Prompt: Which lines of the records below contain the string "RIVR"? Report each of them.
__________________________________________________
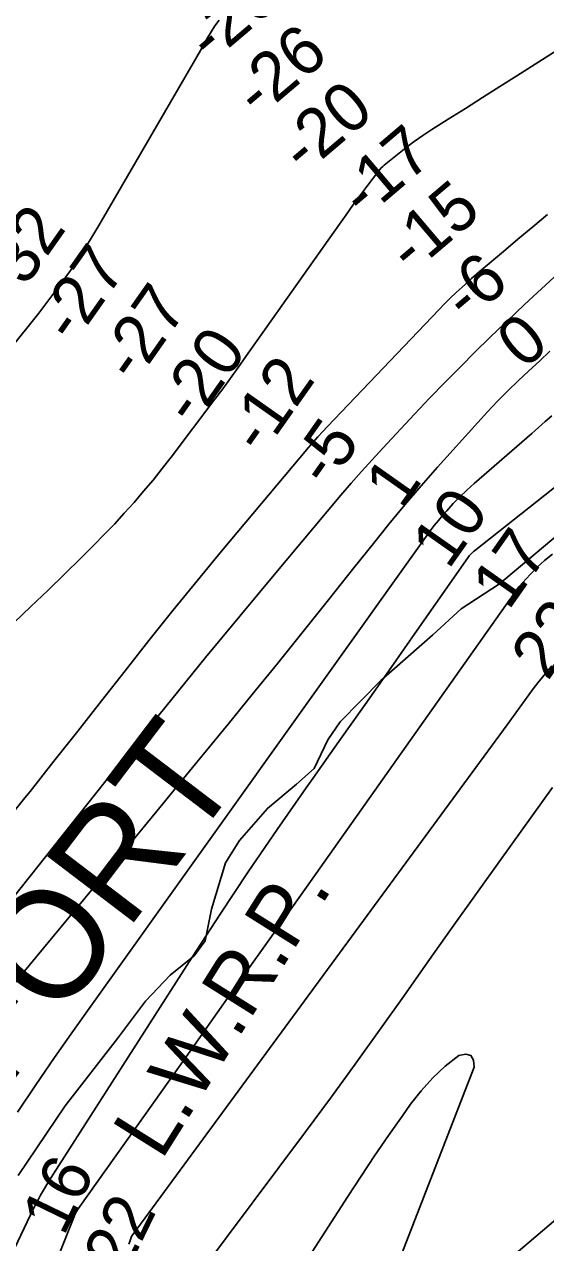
# Model space of a CAD drawing. Extents: x 3146026 to 3183936, y 897894 to 923344.
# Drawn here: x 3178564 to 3179281, y 904222 to 905898 of the extents above; entities that cross this region are included whole.
import ezdxf

# ---------------------------------------------------------------- set-up
doc = ezdxf.new("R2010")
doc.units = 0
for name, color, linetype in [('V-RIVR-EDGE', 7, 'Continuous'), ('V-RIVR-IDEN', 7, 'Continuous'), ('V-RIVR-RANG', 7, 'Continuous'), ('V-TOPO-DPTH', 7, 'Continuous'), ('V-TOPO-MINR', 7, 'Continuous'), ('V-TOPO-WATR', 7, 'Continuous'), ('V-TOPO-WATR-IDEN', 7, 'Continuous')]:
    doc.layers.add(name, color=color, linetype=linetype)

msp = doc.modelspace()

# ---------------------------------------------------------------- linework, layer by layer
at = {"layer": 'V-RIVR-EDGE'}
msp.add_lwpolyline([(3178555.4, 904314.5), (3178619.8, 904410.4), (3178691.8, 904503.1), (3178730.3, 904554.3), (3178764.3, 904590.3), (3178797.3, 904616.7), (3178812.5, 904637.2), (3178821.2, 904680.9), (3178840.8, 904744.5), (3178859.8, 904775.2), (3178898.2, 904819.4), (3178938.2, 904852.7), (3178962.6, 904874.3), (3178981.6, 904913.6), (3178998.3, 904938.4), (3179054.6, 904995.4), (3179126, 905058.4), (3179165, 905093.9), (3179217.9, 905128.3), (3179298.5, 905196.1)], dxfattribs=at)
at = {"layer": 'V-TOPO-DPTH'}
for points in [[(3179416.7, 905939.1), (3179241.7, 905827.3), (3179218.1, 905812.3), (3179194.5, 905797.3), (3179170.9, 905782.4), (3179147.2, 905767.4), (3179124.6, 905753.2), (3179112.4, 905745.2), (3179100.4, 905736.9), (3179088.8, 905728.2), (3179077.3, 905719.1), (3179059.2, 905704.3), (3179057, 905702.4), (3179054.9, 905700.4), (3179053, 905698.2), (3179051.1, 905696), (3179035.3, 905675), (3179025.7, 905662.1), (3179016.1, 905649.1), (3179006.7, 905636.1), (3178997.3, 905623), (3178868.7, 905440.9), (3178858.1, 905426.1), (3178847.5, 905411.4), (3178836.8, 905396.8), (3178825.9, 905382.3), (3178765.7, 905302.8), (3178753.4, 905286.9), (3178740.9, 905271.1), (3178727.9, 905255.7), (3178714.8, 905240.4), (3178701.3, 905225.4), (3178687.7, 905210.6), (3178673.7, 905196.1), (3178659.6, 905181.8), (3178642.2, 905164.6), (3178619.2, 905141.9), (3178596, 905119.4), (3178572.6, 905097), (3178549.1, 905074.8)], [(3179416.7, 905939.1), (3179241.7, 905827.3), (3179218.1, 905812.3), (3179194.5, 905797.3), (3179170.9, 905782.4), (3179147.2, 905767.4), (3179124.6, 905753.2), (3179112.4, 905745.2), (3179100.4, 905736.9), (3179088.8, 905728.2), (3179077.3, 905719.1), (3179059.2, 905704.3), (3179057, 905702.4), (3179054.9, 905700.4), (3179053, 905698.2), (3179051.1, 905696), (3179035.3, 905675), (3179025.7, 905662.1), (3179016.1, 905649.1), (3179006.7, 905636.1), (3178997.3, 905623), (3178868.7, 905440.9), (3178858.1, 905426.1), (3178847.5, 905411.4), (3178836.8, 905396.8), (3178825.9, 905382.3), (3178765.7, 905302.8), (3178753.4, 905286.9), (3178740.9, 905271.1), (3178727.9, 905255.7), (3178714.8, 905240.4), (3178701.3, 905225.4), (3178687.7, 905210.6), (3178673.7, 905196.1), (3178659.6, 905181.8), (3178642.2, 905164.6), (3178619.2, 905141.9), (3178596, 905119.4), (3178572.6, 905097), (3178549.1, 905074.8)], [(3178462.5, 905350.4), (3178583.6, 905500.8), (3178605.9, 905529.9), (3178627.3, 905559.5), (3178647.3, 905590.1), (3178666.4, 905621.3), (3178796.3, 905844.6), (3178801.3, 905853.2), (3178806.2, 905861.9), (3178811, 905870.6), (3178815.7, 905879.3), (3178820.7, 905887.9), (3178826.1, 905896.1), (3178832.1, 905903.9)], [(3178462.5, 905350.4), (3178583.6, 905500.8), (3178605.9, 905529.9), (3178627.3, 905559.5), (3178647.3, 905590.1), (3178666.4, 905621.3), (3178796.3, 905844.6), (3178801.3, 905853.2), (3178806.2, 905861.9), (3178811, 905870.6), (3178815.7, 905879.3), (3178820.7, 905887.9), (3178826.1, 905896.1), (3178832.1, 905903.9)], [(3179283.6, 905636.5), (3179263.4, 905619.5), (3179243.2, 905602.5), (3179223.1, 905585.5), (3179189.9, 905557.5), (3179186.3, 905554.5), (3179182.8, 905551.5), (3179179.3, 905548.4), (3179175.8, 905545.3), (3179166.2, 905536.6), (3179158, 905529), (3179149.9, 905521.3), (3179142, 905513.5), (3179134.2, 905505.5), (3178981.1, 905345), (3178974.4, 905337.9), (3178967.8, 905330.6), (3178961.3, 905323.3), (3178954.9, 905315.8), (3178835.2, 905173.1), (3178801.5, 905132.4), (3178768.1, 905091.5), (3178735.1, 905050.3), (3178702.4, 905008.9), (3178669.9, 904967.3), (3178637.3, 904925.7), (3178604.5, 904884.3), (3178571.7, 904842.9), (3178564.6, 904834), (3178527.9, 904788.4)], [(3178527.9, 904788.4), (3178564.6, 904834), (3178571.7, 904842.9), (3178604.5, 904884.3), (3178637.3, 904925.7), (3178669.9, 904967.3), (3178702.4, 905008.9), (3178735.1, 905050.3), (3178768.1, 905091.5), (3178801.5, 905132.4), (3178835.2, 905173.1), (3178954.9, 905315.8), (3178961.3, 905323.3), (3178967.8, 905330.6), (3178974.4, 905337.9), (3178981.1, 905345), (3179134.2, 905505.5), (3179142, 905513.5), (3179149.9, 905521.3), (3179158, 905529), (3179166.2, 905536.6), (3179175.8, 905545.3), (3179179.3, 905548.4), (3179182.8, 905551.5), (3179186.3, 905554.5), (3179189.9, 905557.5), (3179223.1, 905585.5), (3179243.2, 905602.5), (3179263.4, 905619.5), (3179283.6, 905636.5)], [(3178548.8, 904577.2), (3178563.9, 904595.5), (3178579, 904613.8), (3178647.6, 904696.4), (3178696.9, 904756), (3178746.2, 904815.7), (3178795.3, 904875.6), (3178844.3, 904935.5), (3178877.3, 904976.1), (3178912.5, 905019.4), (3178947.6, 905062.9), (3178982.5, 905106.5), (3179017.3, 905150.2), (3179044.1, 905184), (3179065.6, 905210.6), (3179087.5, 905237), (3179109.8, 905263), (3179132.5, 905288.7), (3179187.9, 905350.5), (3179201.4, 905365.2), (3179215.1, 905379.6), (3179229.2, 905393.7), (3179243.5, 905407.6), (3179258, 905421.2), (3179272.6, 905434.8), (3179287.2, 905448.4)], [(3179287.2, 905448.4), (3179272.6, 905434.8), (3179258, 905421.2), (3179243.5, 905407.6), (3179229.2, 905393.7), (3179215.1, 905379.6), (3179201.4, 905365.2), (3179187.9, 905350.5), (3179132.5, 905288.7), (3179109.8, 905263), (3179087.5, 905237), (3179065.6, 905210.6), (3179044.1, 905184), (3179017.3, 905150.2), (3178982.5, 905106.5), (3178947.6, 905062.9), (3178912.5, 905019.4), (3178877.3, 904976.1), (3178844.3, 904935.5), (3178795.3, 904875.6), (3178746.2, 904815.7), (3178696.9, 904756), (3178647.6, 904696.4), (3178579, 904613.8), (3178563.9, 904595.5), (3178548.8, 904577.2)], [(3178459.3, 904023.7), (3178576.5, 904268.9), (3178581.2, 904278.2), (3178586.1, 904287.4), (3178591.3, 904296.4), (3178596.7, 904305.2), (3178794.8, 904615), (3178833.1, 904673.8), (3178871.9, 904732.3), (3178911.5, 904790.3), (3178951.7, 904847.8), (3178960.7, 904860.6), (3178996.8, 904911.5), (3179032.7, 904962.5), (3179068.6, 905013.5), (3179104.4, 905064.6), (3179174.1, 905164), (3179175.1, 905165.4), (3179176.1, 905166.7), (3179178.3, 905169.2), (3179179.5, 905170.4), (3179181.9, 905172.7), (3179183.2, 905173.7), (3179302.2, 905267.8)], [(3178459.3, 904023.7), (3178576.5, 904268.9), (3178581.2, 904278.2), (3178586.1, 904287.4), (3178591.3, 904296.4), (3178596.7, 904305.2), (3178794.8, 904615), (3178833.1, 904673.8), (3178871.9, 904732.3), (3178911.5, 904790.3), (3178951.7, 904847.8), (3178960.7, 904860.6), (3178996.8, 904911.5), (3179032.7, 904962.5), (3179068.6, 905013.5), (3179104.4, 905064.6), (3179174.1, 905164), (3179175.1, 905165.4), (3179176.1, 905166.7), (3179178.3, 905169.2), (3179179.5, 905170.4), (3179181.9, 905172.7), (3179183.2, 905173.7), (3179302.2, 905267.8)], [(3179289.7, 905015.7), (3179276.9, 905000), (3179270.6, 904992), (3179264.3, 904984), (3179258.2, 904975.8), (3179252.2, 904967.6), (3179246.2, 904959.3), (3179240.2, 904951.1), (3179234.2, 904942.8), (3179228.2, 904934.6), (3178713.3, 904233.9), (3178713, 904233.4), (3178711.4, 904230.5), (3178711, 904229.3), (3178708.9, 904223.5), (3178707.7, 904220)]]:
    msp.add_lwpolyline(points, dxfattribs=at)
at = {"layer": 'V-TOPO-MINR'}
for points in [[(3179416.7, 905939.1), (3179241.7, 905827.3), (3179218.1, 905812.3), (3179194.5, 905797.3), (3179170.9, 905782.4), (3179147.2, 905767.4), (3179124.6, 905753.2), (3179112.4, 905745.2), (3179100.4, 905736.9), (3179088.8, 905728.2), (3179077.3, 905719.1), (3179059.2, 905704.3), (3179057, 905702.4), (3179054.9, 905700.4), (3179053, 905698.2), (3179051.1, 905696), (3179035.3, 905675), (3179025.7, 905662.1), (3179016.1, 905649.1), (3179006.7, 905636.1), (3178997.3, 905623), (3178868.7, 905440.9), (3178858.1, 905426.1), (3178847.5, 905411.4), (3178836.8, 905396.8), (3178825.9, 905382.3), (3178765.7, 905302.8), (3178753.4, 905286.9), (3178740.9, 905271.1), (3178727.9, 905255.7), (3178714.8, 905240.4), (3178701.3, 905225.4), (3178687.7, 905210.6), (3178673.7, 905196.1), (3178659.6, 905181.8), (3178642.2, 905164.6), (3178619.2, 905141.9), (3178596, 905119.4), (3178572.6, 905097), (3178549.1, 905074.8)], [(3178462.5, 905350.4), (3178583.6, 905500.8), (3178605.9, 905529.9), (3178627.3, 905559.5), (3178647.3, 905590.1), (3178666.4, 905621.3), (3178796.3, 905844.6), (3178801.3, 905853.2), (3178806.2, 905861.9), (3178811, 905870.6), (3178815.7, 905879.3), (3178820.7, 905887.9), (3178826.1, 905896.1), (3178832.1, 905903.9)], [(3178527.9, 904788.4), (3178564.6, 904834), (3178571.7, 904842.9), (3178604.5, 904884.3), (3178637.3, 904925.7), (3178669.9, 904967.3), (3178702.4, 905008.9), (3178735.1, 905050.3), (3178768.1, 905091.5), (3178801.5, 905132.4), (3178835.2, 905173.1), (3178954.9, 905315.8), (3178961.3, 905323.3), (3178967.8, 905330.6), (3178974.4, 905337.9), (3178981.1, 905345), (3179134.2, 905505.5), (3179142, 905513.5), (3179149.9, 905521.3), (3179158, 905529), (3179166.2, 905536.6), (3179175.8, 905545.3), (3179179.3, 905548.4), (3179182.8, 905551.5), (3179186.3, 905554.5), (3179189.9, 905557.5), (3179223.1, 905585.5), (3179243.2, 905602.5), (3179263.4, 905619.5), (3179283.6, 905636.5)], [(3178536.6, 904681.6), (3178582.4, 904739.4), (3178628.3, 904797.2), (3178674.3, 904854.9), (3178720.3, 904912.5), (3178766.7, 904969.9), (3178813.2, 905027.1), (3178860.2, 905084), (3178907.5, 905140.7), (3178999.5, 905250.2), (3179013.6, 905266.7), (3179027.9, 905283), (3179042.4, 905299.1), (3179057.1, 905315.1), (3179100.8, 905361.7), (3179121.5, 905383.6), (3179142.4, 905405.2), (3179163.6, 905426.6), (3179184.9, 905447.9), (3179204.2, 905466.8), (3179216.1, 905478.3), (3179228.1, 905489.8), (3179240.1, 905501.3), (3179252.3, 905512.6), (3179322.4, 905577.5)], [(3178548.8, 904577.2), (3178563.9, 904595.5), (3178579, 904613.8), (3178647.6, 904696.4), (3178696.9, 904756), (3178746.2, 904815.7), (3178795.3, 904875.6), (3178844.3, 904935.5), (3178877.3, 904976.1), (3178912.5, 905019.4), (3178947.6, 905062.9), (3178982.5, 905106.5), (3179017.3, 905150.2), (3179044.1, 905184), (3179065.6, 905210.6), (3179087.5, 905237), (3179109.8, 905263), (3179132.5, 905288.7), (3179187.9, 905350.5), (3179201.4, 905365.2), (3179215.1, 905379.6), (3179229.2, 905393.7), (3179243.5, 905407.6), (3179258, 905421.2), (3179272.6, 905434.8), (3179287.2, 905448.4)], [(3178554.1, 904401.7), (3178579.6, 904439.2), (3178605.4, 904476.6), (3178631.4, 904513.8), (3178657.7, 904550.8), (3179116.7, 905193.7), (3179122.2, 905201.1), (3179127.8, 905208.5), (3179133.7, 905215.6), (3179139.7, 905222.7), (3179145.1, 905228.8), (3179154.1, 905238.7), (3179163.3, 905248.2), (3179172.9, 905257.4), (3179182.8, 905266.4), (3179262.2, 905335.4), (3179271.5, 905343.4), (3179280.7, 905351.5), (3179290, 905359.5)], [(3178554.4, 904062.2), (3178632.2, 904258.2), (3178633.4, 904261), (3178635.5, 904265), (3178637.9, 904268.8), (3178741.5, 904414.6), (3178794.2, 904488.7), (3178846.8, 904562.8), (3178899.4, 904637), (3178952, 904711.2), (3179232.1, 905106.7), (3179233.7, 905109), (3179235.3, 905111.3), (3179236.8, 905113.6), (3179238.3, 905115.9), (3179239.8, 905118.2), (3179241.4, 905120.5), (3179243.1, 905122.6), (3179244.9, 905124.7), (3179260, 905141.2), (3179269.7, 905151.1), (3179279.9, 905160.4), (3179290.7, 905169)], [(3178707.7, 904220), (3178708.9, 904223.5), (3178711, 904229.3), (3178711.4, 904230.5), (3178713, 904233.4), (3178713.3, 904233.9), (3179228.2, 904934.6), (3179234.2, 904942.8), (3179240.2, 904951.1), (3179246.2, 904959.3), (3179252.2, 904967.6), (3179258.2, 904975.8), (3179264.3, 904984), (3179270.6, 904992), (3179276.9, 905000), (3179289.7, 905015.7)], [(3178805.2, 904180.1), (3178950.8, 904374.8), (3178985.1, 904421.1), (3179019.1, 904467.6), (3179052.7, 904514.4), (3179086, 904561.4), (3179119.2, 904608.6), (3179152.5, 904655.6), (3179185.9, 904702.5), (3179219.5, 904749.4), (3179290.8, 904848.3)], [(3179103.2, 904090.9), (3179774.2, 904660.8)], [(3178937.2, 904174.7), (3179008.8, 904285.6), (3179027.2, 904313.7), (3179045.9, 904341.6), (3179064.9, 904369.3), (3179084.1, 904396.8), (3179095.4, 904412.5), (3179110, 904431.2), (3179125.8, 904448.8), (3179143.1, 904464.7), (3179161.6, 904479.7), (3179171.2, 904481.2), (3179178.3, 904479.5), (3179181.8, 904473), (3179182.8, 904463.3), (3179044.5, 904106.8)]]:
    msp.add_lwpolyline(points, dxfattribs=at)
at = {"layer": 'V-TOPO-WATR'}
msp.add_lwpolyline([(3178459.3, 904023.7), (3178576.5, 904268.9), (3178581.2, 904278.2), (3178586.1, 904287.4), (3178591.3, 904296.4), (3178596.7, 904305.2), (3178794.8, 904615), (3178833.1, 904673.8), (3178871.9, 904732.3), (3178911.5, 904790.3), (3178951.7, 904847.8), (3178960.7, 904860.6), (3178996.8, 904911.5), (3179032.7, 904962.5), (3179068.6, 905013.5), (3179104.4, 905064.6), (3179174.1, 905164), (3179175.1, 905165.4), (3179176.1, 905166.7), (3179178.3, 905169.2), (3179179.5, 905170.4), (3179181.9, 905172.7), (3179183.2, 905173.7), (3179302.2, 905267.8)], dxfattribs=at)

# ---------------------------------------------------------------- texts
at = {"layer": 'V-RIVR-IDEN'}
msp.add_text('FORT', height=150, rotation=52.7368, dxfattribs=at).set_placement((3178536, 904428))
at = {"layer": 'V-RIVR-RANG'}
for s, rotation, p in [('-26', 40.3142, (3178820.4, 905843.8)), ('-26', 40.3142, (3178886, 905768.3)), ('-20', 40.3142, (3178949, 905690.6)), ('-17', 40.3142, (3179031.1, 905629)), ('-15', 40.3142, (3179096.5, 905553.3)), ('-32', 54.8689, (3178548.1, 905511.4)), ('-27', 54.8689, (3178631.9, 905456.7)), ('-6', 40.3142, (3179172.7, 905486.9)), ('-27', 54.8689, (3178716.2, 905402.7)), ('0', 40.3142, (3179250.9, 905422.2)), ('-20', 54.8689, (3178796.9, 905343.6)), ('-12', 54.8689, (3178891, 905303.6)), ('-5', 54.8689, (3178981.5, 905258.5)), ('1', 54.8689, (3179083.3, 905229.3)), ('10', 54.8689, (3179147.5, 905146.8)), ('17', 54.8689, (3179230.1, 905090.5)), ('22', 54.8689, (3179284.1, 904993.6)), ('16', 64.1211, (3178617.8, 904229.6)), ('22', 64.1211, (3178702.6, 904175.9))]:
    msp.add_text(s, height=67, rotation=rotation, dxfattribs=at).set_placement(p)
at = {"layer": 'V-TOPO-WATR-IDEN'}
msp.add_text('L.W.R.P.', height=83, rotation=57.8735, dxfattribs=at).set_placement((3178752.4, 904334.1))

doc.saveas('drawing.dxf')
__________________________________________________
Result:
for name, color, linetype in [('V-RIVR-EDGE', 7, 'Continuous'), ('V-RIVR-IDEN', 7, 'Continuous'), ('V-RIVR-RANG', 7, 'Continuous'), ('V-TOPO-DPTH', 7, 'Continuous'), ('V-TOPO-MINR', 7, 'Continuous'), ('V-TOPO-WATR', 7, 'Continuous'), ('V-TOPO-WATR-IDEN', 7, 'Continuous')]:
at = {"layer": 'V-RIVR-EDGE'}
at = {"layer": 'V-RIVR-IDEN'}
at = {"layer": 'V-RIVR-RANG'}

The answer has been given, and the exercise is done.